I agree! The problem is getting everyone to do it. There is enough competition, that if we raise our rates, we'll probably lose out to someone who is willing to low ball.


----------



## Big Shoe (Jun 16, 2008)

Hate to say this but I think you guys are working for what I was getting in the 80's :blink:


----------



## ohiohomedoctor (Dec 26, 2010)

You can get whatever you want. People hire us because they want us to do the job, not because of a few thousand dollars.!


----------



## summithomeinc (Jan 3, 2011)

ohiohomedoctor said:


> You can get whatever you want. People hire us because they want us to do the job, not because of a few thousand dollars.!


You don't care about a few thousand? Or your customer doesn't care about a few thousand? Because if you don't care, I got a few things I need done. Can you give me a detailed price? Over the phone?:jester:


----------



## jb4211 (Jul 13, 2010)

summithomeinc said:


> You don't care about a few thousand? Or your customer doesn't care about a few thousand? Because if you don't care, I got a few things I need done. Can you give me a detailed price? Over the phone?:jester:


I think he's saying that the quality of his work is worth the cost to his customers.


----------



## ohiohomedoctor (Dec 26, 2010)

summithomeinc said:


> You don't care about a few thousand? Or your customer doesn't care about a few thousand? Because if you don't care, I got a few things I need done. Can you give me a detailed price? Over the phone?:jester:


I the grand scheme of things during a major remodel a couple if thousand dollars is a minimal expense. I have never had an issue getting what I want to do a job, because if I dont, I dont do the job.


----------



## AARC Drywall (May 11, 2008)

We have companies here in BC that are doing full drywall job, supply, install and level 4 finish with all beads for $1.37 per board foot...our cost of 1/2 is .55 per board foot..

I say its high time we drywallers get back to being one of the highest paid in construction as it was many years ago...If we do a crap job, what is you house worth...not to mention we have to fix everyone else's missed mistakes, or we catch the blame..." Drywallers should have caught that" People seem to think that it is our job to catch, missed place lights, missing studs, no water lines, insulation problems....

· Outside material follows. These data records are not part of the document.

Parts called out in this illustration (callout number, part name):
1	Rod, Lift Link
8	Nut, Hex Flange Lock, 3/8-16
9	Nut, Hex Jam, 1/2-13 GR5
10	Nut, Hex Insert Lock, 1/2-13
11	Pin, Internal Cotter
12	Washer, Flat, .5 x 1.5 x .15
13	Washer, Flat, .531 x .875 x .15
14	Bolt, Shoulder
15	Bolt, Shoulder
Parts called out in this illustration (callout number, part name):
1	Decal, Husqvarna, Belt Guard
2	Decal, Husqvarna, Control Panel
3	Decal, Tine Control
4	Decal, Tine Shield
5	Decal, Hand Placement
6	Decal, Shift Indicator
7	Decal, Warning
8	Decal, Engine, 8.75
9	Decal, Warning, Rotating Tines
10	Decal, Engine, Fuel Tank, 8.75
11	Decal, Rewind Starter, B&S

Sorry a bit of a vent there... Anyways if we have to be the go to guy..then we should be paid for it...just sayin...


----------



## hdavis (Feb 14, 2012)

AARC Drywall said:


> We have companies here in BC that are doing full drywall job, supply, install and level 4 finish with all beads for $1.37 per board foot...our cost of 1/2 is .55 per board foot..
> 
> I say its high time we drywallers get back to being one of the highest paid in construction as it was many years ago...If we do a crap job, what is you house worth...not to mention we have to fix everyone else's missed mistakes, or we catch the blame..." Drywallers should have caught that" People seem to think that it is our job to catch, missed place lights, missing studs, no water lines, insulation problems....
> 
> Sorry a bit of a vent there... Anyways if we have to be the go to guy..then we should be paid for it...just sayin...


Those prices seem a little high to me. The problem with drywall is the same problem as with painting. Anyone can spend a very limited amount of money and get into the business. With drywall, pay more money for better tools, and you can do it a lot faster. High quality and high productivity get you the margins, usually.

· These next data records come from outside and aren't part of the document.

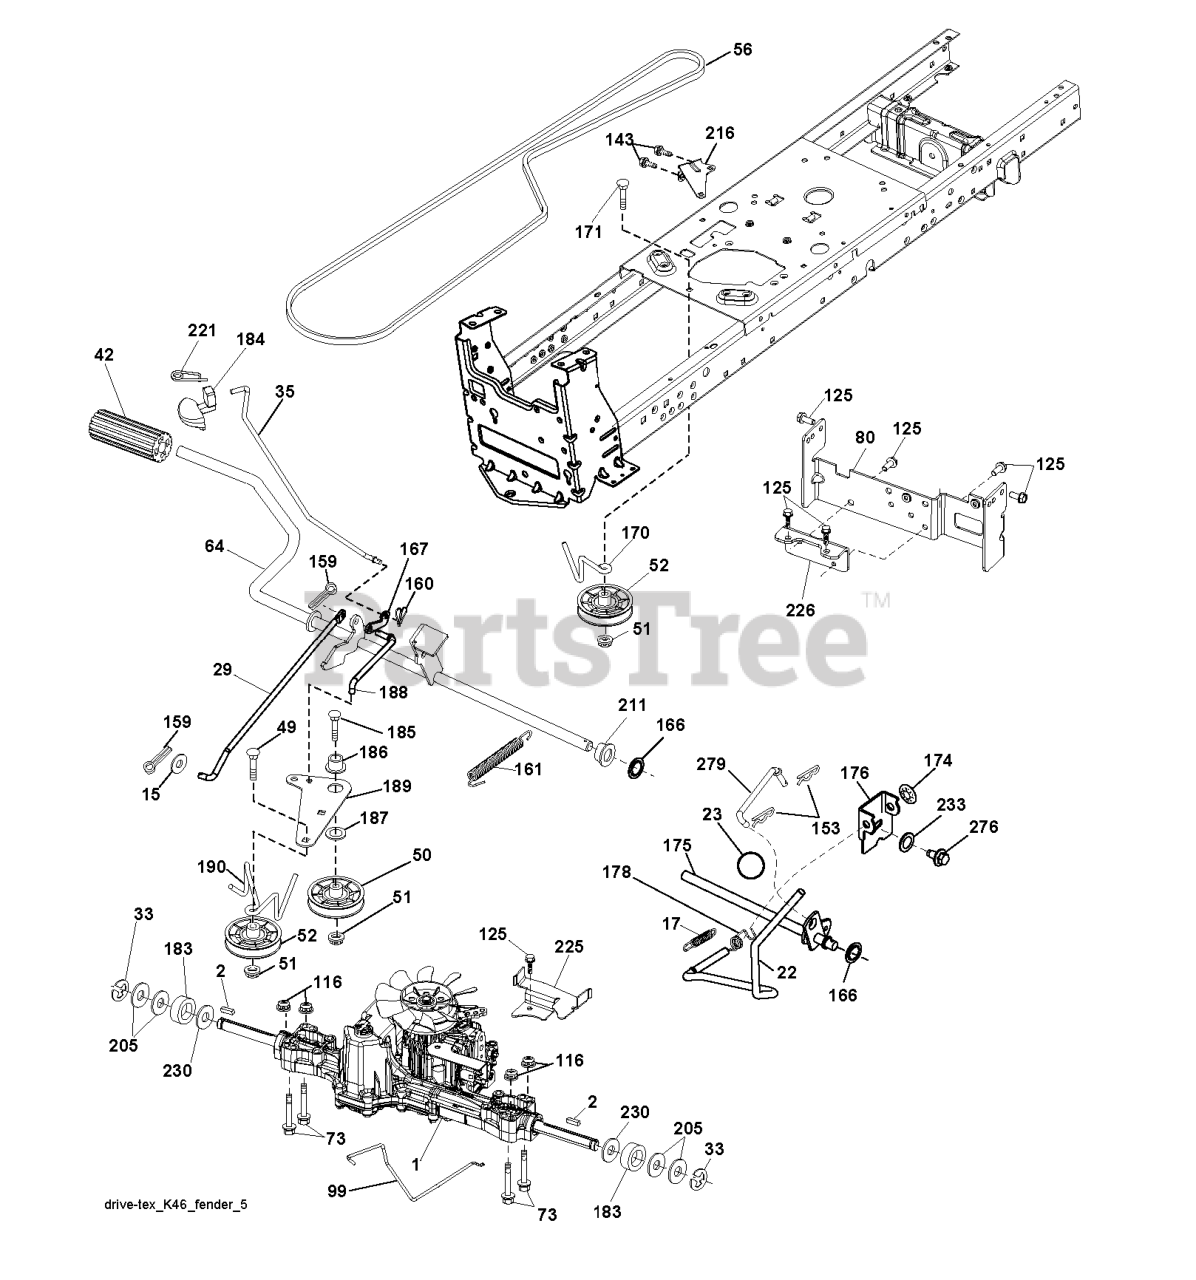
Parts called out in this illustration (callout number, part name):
2	SQUARE KEY
15	WASHER
17	SPRING.BRAKE.K46.GREEN
22	ROD.SHIFT.FENDER.TLT.2006
23	KNOB.DUCKHEAD.1/2
29	ROD.BRAKE.K46
35	ROD.CNTRL.PARK.PREDATOR.LT.TEX
42	PEDAL COVER T
50	IDLER.FLAT.910.OFFSET
51	NUT LOCK FLG 3/8-16 UNC
52	IDLER.V-GROOVE.910.OFFSET
56	V-BELT.MOWER.92.40.42/K46
64	SHAFT.ASM.PEDAL.BRAKE.
73	BOLT HEX 5/16-18 GR 5
80	STRAP TORQUE
99	ROD.SPRING.BYPASS.K46.LT.Z
116	NUT LOCK HEX FLANGE 5/16-18
125	SCREW
143	Screw 5/16-18 x 1/2 Hex, Self Tapping 5/16-18 x 1/2
153	RETAINER M
159	COTTER PIN
160	RETAINER CLIP
161	SPRING, RETURN LT
166	NUT.PUSH.625
167	LATCH.BRAKE.SPRING
170	KEEPER.V-IDLER.CENTER.
174	NUT.PUSH.500.2006
175	SHAFT ASM SHIFT
176	ARM.CLEVIS.ROD.SHIFT
178	SPRING.SHIFT.GT2006
183	SPACER AXLE
184	HANDLE PARKING BRAKE
186	SPACER.RETAINER
187	WASHER 12/32X2X10GA
188	RP.LINK.CLUTCH.GROUND.DRIVE
189	BELLCRANK.GROUND.DRIVE.TEX.
190	KEEPER.BELLCRANK.DRIVE
211	BUSHING.SHAFT.BRAKE.HAND
216	BRACKET.PULLEY.IDLER.W/TEX
221	RETAINER.SPRING.CLIP.H
225	KEEPER.BELT.TRANSAXLE.K46
226	BRACKET.MOUNT.TORQUE.K46.TLT
230	WASHER.HARDENED
233	WASHER SERRATED
276	BOLT FIN HEX 7/16-14 X 1
279	LINK.SHIFT.T/A.K46.FEND.TX

The .55 you're paying for materials would buy the wallboard and have it installed around here.


----------



## summithomeinc (Jan 3, 2011)

jb4211 said:


> I think he's saying that the quality of his work is worth the cost to his customers.


I understood what he was saying.


----------



## Kent Whitten (Mar 24, 2006)

AARC Drywall said:


> I say its high time we drywallers get back to being one of the highest paid in construction as it was many years ago


Not that it is any of my business or that I don't appreciate what you guys do , but you have to be out of your mind. What justifies this ideology? 

We ALL work hard for our money and we ALL would like a little more. Those arguments you list can be applied to EVERY trade. 

If any part of construction is underpaid, it has to be carpenters. Do you know how many tools we have to buy? 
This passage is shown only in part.